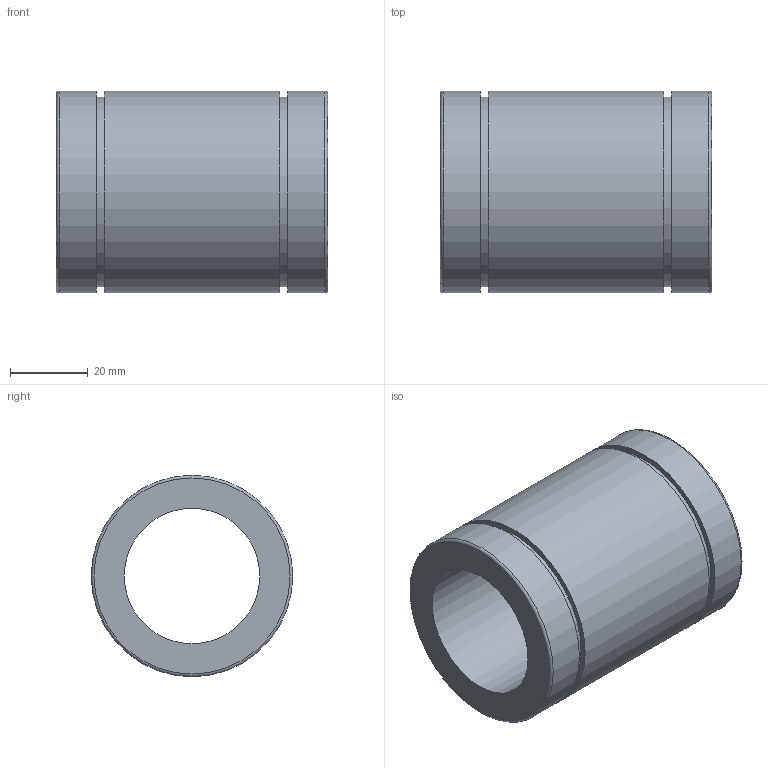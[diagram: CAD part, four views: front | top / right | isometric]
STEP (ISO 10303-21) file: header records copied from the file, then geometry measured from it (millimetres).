
FILE_DESCRIPTION(('STEP AP203'),'1');
FILE_NAME('//192.168.1.1/share/s-4 技術開発/s-4-13_CAD/03_見直し済み/001 修正済み/N/N_TOP/N-35.step','2020-04-02T23:55:17',(' '),(' '),'Spatial InterOp 3D',' ',' ');
FILE_SCHEMA(('CONFIG_CONTROL_DESIGN'));
Length unit declared in the file: millimetre
Products named in the file (1): 1
Bounding box: 70 x 52 x 52 mm (x, y, z)
Volume: 80278.6 mm3; surface area: 22269.2 mm2
Topology: 1 solids, 1 shells, 14 faces, 25 edges, 17 vertices
Faces by surface type: cylinder 6, plane 6, torus 2
Full cylindrical faces by diameter (mm): 35 x1, 49 x2, 52 x3
Entity records: 332 total; most frequent: DIRECTION 58, CARTESIAN_POINT 43, AXIS2_PLACEMENT_3D 29, EDGE_LOOP 28, ORIENTED_EDGE 28, FACE_OUTER_BOUND 22, ADVANCED_FACE 14, EDGE_CURVE 14

> _About this task_: Nothing but the lines from the one with "STEP (ISO 10303-21)" through the end of the data above should be repeated, each exactly as it stands.

> _Response for this exercise_:
STEP (ISO 10303-21) file: header records copied from the file, then geometry measured from it (millimetres).
FILE_DESCRIPTION(('STEP AP203'),'1');
FILE_NAME('//192.168.1.1/share/s-4 技術開発/s-4-13_CAD/03_見直し済み/001 修正済み/N/N_TOP/N-35.step','2020-04-02T23:55:17',(' '),(' '),'Spatial InterOp 3D',' ',' ');
FILE_SCHEMA(('CONFIG_CONTROL_DESIGN'));
Length unit declared in the file: millimetre
Products named in the file (1): 1
Bounding box: 70 x 52 x 52 mm (x, y, z)
Volume: 80278.6 mm3; surface area: 22269.2 mm2
Topology: 1 solids, 1 shells, 14 faces, 25 edges, 17 vertices
Faces by surface type: cylinder 6, plane 6, torus 2
Full cylindrical faces by diameter (mm): 35 x1, 49 x2, 52 x3
Entity records: 332 total; most frequent: DIRECTION 58, CARTESIAN_POINT 43, AXIS2_PLACEMENT_3D 29, EDGE_LOOP 28, ORIENTED_EDGE 28, FACE_OUTER_BOUND 22, ADVANCED_FACE 14, EDGE_CURVE 14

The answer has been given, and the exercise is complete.